In the first iteration of the PerFedPat project we conducted one-to-one interviews with patent search experts. Also after a stable prototype has been developed we conducted expert review studies with patent examiners and task-based evaluations using beta versions of the PerFedPat system. We were primarily seeking to check the effectiveness, efficiency and usability of the system. Also to seek and document expert opinion and advice about the match between the system and the real world, confidence in the system, user control in using tools, etc. This first evaluation work has indicated a promising degree of acceptance of the usefulness of a federated search system like PerFedPat.

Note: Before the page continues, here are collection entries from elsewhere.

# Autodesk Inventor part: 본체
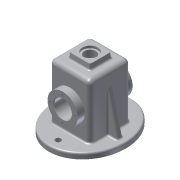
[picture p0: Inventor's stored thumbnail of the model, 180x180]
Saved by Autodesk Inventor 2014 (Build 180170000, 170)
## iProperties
Created: 2017-07
Part Number: 본체
Material: 알루미늄 6061
Document SubType Name: Modeling
Designer: user
Density: 2.71 g/cm^3
Appearance: 알루미늄 - 평지
Mass: 880.579 g
Surface Area: 992.163 cm^2
Volume: 324.937 cm^3
Author: user
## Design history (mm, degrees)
sketch "스케치1" dims "d0" = 75, "d1" = 65
  geometry: L1 (-99.161, 0)-(101.548, 0); C1 r 5 at (-58, 0); C2 r 5 at (58, 0); 2 further points; 1 other entity
  constraints: 3 point on line, 2 centre point, 2 end point, 1 coincident, 1 horizontal, 2 other
  dimensions: "d2" = 10 diameter of C1; "d3" = 10 diameter of C2; "d4" = 58 distance of point (0, 0) C2.centre; "d5" = 58 distance of point (0, 0) C1.centre
extrude "돌출1" new body sketch "스케치1" distance "d6" = 10; taper "d7" = 0 deg
sketch "스케치2"
  geometry: L1 (37, -37)-(-37, -37); L2 (-37, -37)-(-37, 37); L3 (-37, 37)-(37, 37); L4 (37, 37)-(37, -37); L5 (37, -37)-(-37, 37); L6 (-37, -37)-(37, 37); 1 further point
  constraints: 12 end point, 2 midpoint, 2 parallel, 1 horizontal, 1 perpendicular
  dimensions: "d8" = 74 distance of L2.end L3.end; "d9" = 74 distance of L1.end L2.end
extrude "돌출2" join sketch "스케치2" distance "d10" = 100; taper "d11" = 0 deg
sketch "스케치3"
  geometry: L1 (37, 10)-(-37, 10) reference; L2 (37, 10)-(37, 110) reference; L3 (-37, 110)-(37, 110) reference; L4 (-37, 10)-(-37, 110) reference; L5 (32, 105)-(32, 15); L6 (-32, 15)-(-32, 105); L7 (-32, 105)-(32, 105); L8 (32, 15)-(32, 0); L9 (-32, 15)-(-32, 0); L10 (-32, 0)-(32, 0); 1 further point
  constraints: 12 end point, 2 perpendicular, 1 parallel, 1 other
  dimensions: "d12" = 5 distance between parallel lines of L4 L6
extrude "돌출3" cut sketch "스케치3" stored distance "d13" = 64; taper "d14" = 0 deg
sketch "스케치6"
  geometry: L1 (0, 74)-(100, 74) reference; L2 (100, 74)-(100, 0) reference; L3 (-10, 102)-(-10, -28) reference; C1 r 27.5 at (45, 37); C2 r 16 at (45, 37); 1 further point
  constraints: 2 centre point, 1 coincident
  dimensions: "d25" = 55 diameter of C1; "d26" = 32 diameter of C2; "d27" = 37 distance from line of L1 C2.centre; "d29" = 55 distance from line of L3 C1.centre
extrude "돌출5" join sketch "스케치6" distance "d30" = 13; taper "d31" = 0 deg
sketch "스케치7"
  geometry: L1 (37, 10)-(37, 110) reference; L2 (65, 10)-(-65, 10) reference; L3 (65, 10)-(-65, 10) reference; L4 (-65, 0)-(65, 0) reference; L5 (65, 10)-(65, 0); L6 (55, 10)-(37, 82.194); 1 further point
  constraints: 4 end point, 2 point on line, 1 perpendicular
  dimensions: "d32" = 10 distance from line of L5 L6.start; "d33" = 14 deg angle of L5 L6
feature "리브1" sketch "스케치7" dims "d34" = 1, "d35" = 10, "d36" = 0, "d37" = 0, "d38" = 1, "d39" = 1
sketch "스케치8"
  geometry: L1 (-20, -20)-(20, -20); L2 (20, -20)-(20, 20); L3 (20, 20)-(-20, 20); L4 (-20, 20)-(-20, -20); L5 (-20, -20)-(20, 20); L6 (20, -20)-(-20, 20); 1 further point
  constraints: 12 end point, 2 midpoint, 2 parallel, 1 horizontal, 1 perpendicular
  dimensions: "d41" = 40 distance of L3.end L2.end; "d42" = 40 distance of L2.end L1.end
extrude "돌출6" join sketch "스케치8" distance "d44" = 10; taper "d45" = -5 deg
sketch "스케치9"
  geometry: C1 r 10.5 at (0, 0); C2 r 14 at (0, 0); 1 further point
  constraints: 2 centre point, 2 coincident
  dimensions: "d46" = 21 diameter of C1; "d47" = 28 diameter of C2
extrude "돌출7" cut sketch "스케치9" stored distance "d48" = 10; taper "d49" = 0 deg
extrude "돌출8" cut sketch "스케치9" distance "d50" = 4; taper "d51" = 0 deg
sketch "스케치10"
  geometry: L1 (32, 0)-(32, 105) reference; L2 (-32, 105)-(-32, 0) reference; L3 (76.395, 55)-(-68.157, 55); L4 (0, -17.114)-(0, 133.435); L5 (-37, 110)-(37, 110) reference; L6 (32, 82.5)-(25.146, 75.646); L7 (25, 75.293)-(25, 55); L8 (32, 82.5)-(32, 55); L9 (25, 55)-(32, 55); L10 (-32, 82.5)-(-25, 75.5); L11 (-25, 75.5)-(-25, 55); L12 (-32, 82.5)-(-32, 55); L13 (-25, 55)-(-32, 55); A1 r 0.5 centre (25.5, 75.293) between (25.146, 75.646) and (25, 75.293); 2 further points
  constraints: 20 end point, 11 point on line, 5 perpendicular, 3 symmetric about line, 2 point on circle, 2 tangent, 1 centre point
  dimensions: "d52" = 55 distance between parallel lines of L5 L3; "d53" = 7 distance between parallel lines of L1 L7; "d54" = 135 deg angle of L1 L6; "d55" = 55 diameter of L6.start L3; "d72" = 0.5 radius of A1
revolve "회전1" sketch "스케치10" stored, may be unused: angle "d60" = 90 deg
sketch "스케치11"
  geometry: C1 r 16 at (0, 0) reference; C2 r 27.5 at (0, 0) reference; C3 r 16 at (0, 0); 1 further point
  constraints: 1 centre point, 1 coincident
  dimensions: "d61" = 32 diameter of C3
extrude "돌출9" cut sketch "스케치11" stored distance "d62" = 4; taper "d63" = 0 deg
sketch "스케치12"
  geometry: C1 r 16 at (0, 0) reference; C2 r 27.5 at (0, 0) reference; A1 r 22.5 centre (0, 0) between (22.5, 0) and (0, 22.5); 3 further points
  constraints: 4 point on circle, 1 centre point, 1 coincident
  dimensions: "d64" = 45 diameter of A1
hole "구멍1" sketch "스케치12" at (22.5, 0), (0, 22.5), (0, -22.5), (-22.5, 0) diameter "d65" = 3.242; stored, may be unused: countersink angle "d69" = 90 deg, drill point angle "d71" = 118 deg; dims "d66" = 8, "d67" = 4, "d68" = 2, "d70" = 10
fillet "모깎기1" dims "d73" = 8
fillet "모깎기2" dims "d74" = 8
fillet "모깎기3" dims "d75" = 3
fillet "모깎기4" dims "d76" = 3
fillet "모깎기5" dims "d77" = 3
fillet "모깎기6" dims "d78" = 3
fillet "모깎기7" dims "d79" = 3
fillet "모깎기8" dims "d80" = 3
fillet "모깎기9" dims "d81" = 3
fillet "모깎기10" dims "d82" = 3
chamfer "모따기1" distance "d83" = 1; stored, may be unused: second distance "d84" = 2, angle "d85" = 45 deg
fillet "모깎기11" dims "d86" = 0.5
fillet "모깎기12" dims "d87" = 0.5
fillet "모깎기13" dims "d88" = 0.5
node "작업 평면1"
sketch "스케치13"
  geometry: L1 (0, -8)-(89, -8) reference; L2 (-18, 45.137)-(-18, 12.863) reference; 3 further points
  constraints: 1 coincident, 1 other
  dimensions: "d90" = 30 distance from line of L2 point (12, 29); "d91" = 37 distance from line of L1 point (12, 29)
feature "엠보싱1" sketch "스케치13" dims "d0" = 75, "d1" = 65, "d2" = 10, "d3" = 10, "d4" = 58, "d5" = 58, "d92" = 0.5, "d93" = 0
fillet "모깎기14" dims "d94" = 3
fillet "모깎기15" dims "d95" = 3
node "솔리드1"
mirror "대칭2"
mirror "대칭3"
mirror "대칭4"
node "투영된 루프1"
node "투영된 루프4"
node "투영된 루프5"
node "투영된 루프6"
other parameters: "d89" = 162.25

Another large user study was done in the final third iteration of the PerFedPat project. The aim of this study was two-fold. First, we examined if patent examiners could learn PerFedPat easily and also if they would like and could be positively affected and well engaged using a federated patent search system comprising multiple resources and search tools. Also, we examined if the patent examiners could efficiently use the federated search system and if the integration of multiple tools can assist them to attain the effectiveness required in prior-art patent search tasks. Overall the aim of the user study was to explore the overall opinion of patent professionals as well as the usefulness and the effect of a new interactive patent search system, PerFedPat.

Our work on PerFedPat was inspired by the idea of providing an integrated patent search system which will be able to provide a rich, personalized information seeking experience for different types of patent searches, potentially exploiting techniques from different IR/NLP/MT technologies. We believe we demonstrated the feasibility of producing such an integrated system. First, we have demonstrated the applicability of federated search in patent search systems. PerFedPat provides core services and operations for being able to search multiple online patent resources (currently Espacenet, Google patents, Patentscope and the MAREC collection), thus providing a unified single-point access to multiple patent sources while hiding complexity from the end user.

The PerFedPat project produced new and innovative knowledge of substantial quantity and quality in the area of professional search in general and that of patent domain in particular. Patents have direct economic value: many organizations make significant revenue by licensing others to manufacture or use their patented invention; patents may be traded – i.e. the rights sold to new organizations; they are used to estimate some company’s value; and so on. Patent protection is an extremely important way in which individuals and organizations protect and exploit their intellectual property. During the project different disciplines were investigated and search tools and search systems for patent professionals and for patent search in general were produced. The success of this project could potentially have a very positive impact on patent search industry. The PerFedPat project illustrated an innovative way for building patent search systems and applications, which goes well beyond existing patent search systems and search methodologies.